[Aim of the exercise] Each line below must be transcribed exactly, and no picture may appear in the transcription.

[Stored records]

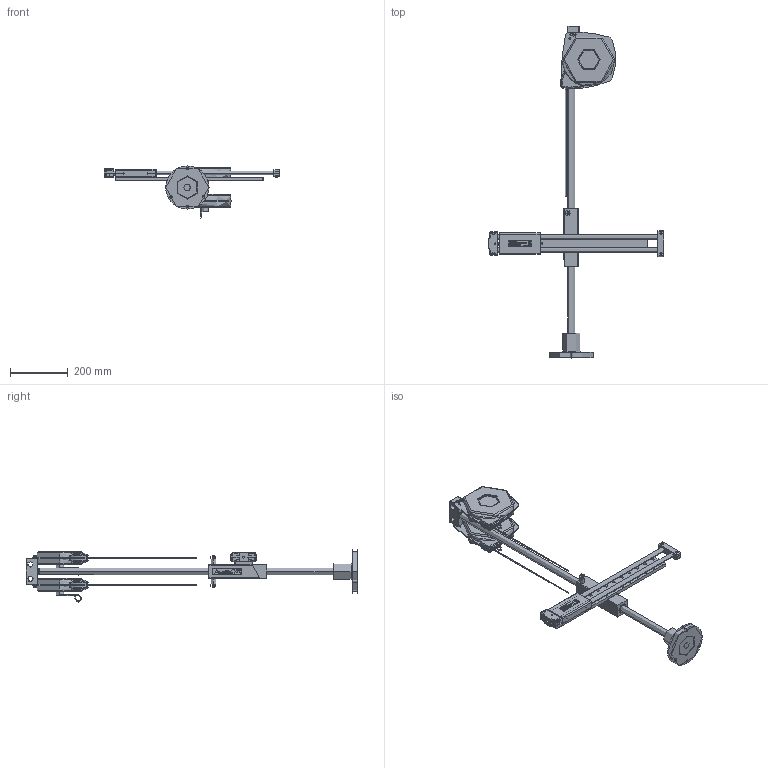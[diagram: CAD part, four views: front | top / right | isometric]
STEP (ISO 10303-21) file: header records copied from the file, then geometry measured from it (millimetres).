
FILE_DESCRIPTION((''),'2;1');
FILE_NAME('6158107050_ASM','2015-04-27T',('Greextfpav'),(''),'PRO/ENGINEER BY PARAMETRIC TECHNOLOGY CORPORATION, 2014200','PRO/ENGINEER BY PARAMETRIC TECHNOLOGY CORPORATION, 2014200','');
FILE_SCHEMA(('AUTOMOTIVE_DESIGN { 1 0 10303 214 1 1 1 1 }'));
Products named in the file (33): 6158107190; 6158107230; 2050384473; 2050384463; 2050384483; 6158107250; 6158107270; 2050384513; 6158107150_ASM; 6158107400; 2050384563; 6158107520; 6158107530; 6156160150; 6158714270; 6158107310_ASM; 6158107780; 6158107670; 6157851120; 6158107720; 6158108420; 6158107630_ASM; 6156180370; 6158714120; 6158107590_ASM; 6158107910; 6158108000; 6158108040; 6156160330; 6156190460; 6158107850_ASM; BALANCER_D; 6158107050_ASM
Assembly tree (50 placements, depth 4):
  6158107050_ASM
    6158107150_ASM
      6158107190
      6158107230
      2050384473
      2050384463  x2
      2050384483
      6158107250
      6158107270
      2050384513
    6158107310_ASM
      6158107400
      2050384563  x2
      6158107520  x2
      6158107530  x2
      6156160150  x2
      6158714270
    6158107590_ASM
      6158107780
      6158107630_ASM
        6158107670
        6157851120  x4
        6158107720
        6158108420
      6156180370  x2
      6158714120
    6158107850_ASM
      6158107910  x2
      6158108000
      6156160150  x2
      6158108040
      6156160330  x2
      6156190460
    BALANCER_D  x2
    6156160150  x4
Bounding box: 606.5 x 1147 x 180 mm (x, y, z)
Topology: 625 solids, 662 shells, 5144 faces, 13978 edges, 8054 vertices
Faces by surface type: extrusion 1595, plane 1462, sphere 1156, cylinder 605, cone 184, torus 134, bspline 8
Entity records: 171802 total; most frequent: CARTESIAN_POINT 39450, ORIENTED_EDGE 19712, DIRECTION 14899, EDGE_CURVE 9924, PRESENTATION_STYLE_ASSIGNMENT 9519, STYLED_ITEM 9441, CURVE_STYLE 9149, VERTEX_POINT 6686

[Your solution]
[diagram: CAD part, four views: front | top / right | isometric]
STEP (ISO 10303-21) file: header records copied from the file, then geometry measured from it (millimetres).
FILE_DESCRIPTION((''),'2;1');
FILE_NAME('6158107050_ASM','2015-04-27T',('Greextfpav'),(''),'PRO/ENGINEER BY PARAMETRIC TECHNOLOGY CORPORATION, 2014200','PRO/ENGINEER BY PARAMETRIC TECHNOLOGY CORPORATION, 2014200','');
FILE_SCHEMA(('AUTOMOTIVE_DESIGN { 1 0 10303 214 1 1 1 1 }'));
Products named in the file (33): 6158107190; 6158107230; 2050384473; 2050384463; 2050384483; 6158107250; 6158107270; 2050384513; 6158107150_ASM; 6158107400; 2050384563; 6158107520; 6158107530; 6156160150; 6158714270; 6158107310_ASM; 6158107780; 6158107670; 6157851120; 6158107720; 6158108420; 6158107630_ASM; 6156180370; 6158714120; 6158107590_ASM; 6158107910; 6158108000; 6158108040; 6156160330; 6156190460; 6158107850_ASM; BALANCER_D; 6158107050_ASM
Assembly tree (50 placements, depth 4):
  6158107050_ASM
    6158107150_ASM
      6158107190
      6158107230
      2050384473
      2050384463  x2
      2050384483
      6158107250
      6158107270
      2050384513
    6158107310_ASM
      6158107400
      2050384563  x2
      6158107520  x2
      6158107530  x2
      6156160150  x2
      6158714270
    6158107590_ASM
      6158107780
      6158107630_ASM
        6158107670
        6157851120  x4
        6158107720
        6158108420
      6156180370  x2
      6158714120
    6158107850_ASM
      6158107910  x2
      6158108000
      6156160150  x2
      6158108040
      6156160330  x2
      6156190460
    BALANCER_D  x2
    6156160150  x4
Bounding box: 606.5 x 1147 x 180 mm (x, y, z)
Topology: 625 solids, 662 shells, 5144 faces, 13978 edges, 8054 vertices
Faces by surface type: extrusion 1595, plane 1462, sphere 1156, cylinder 605, cone 184, torus 134, bspline 8
Entity records: 171802 total; most frequent: CARTESIAN_POINT 39450, ORIENTED_EDGE 19712, DIRECTION 14899, EDGE_CURVE 9924, PRESENTATION_STYLE_ASSIGNMENT 9519, STYLED_ITEM 9441, CURVE_STYLE 9149, VERTEX_POINT 6686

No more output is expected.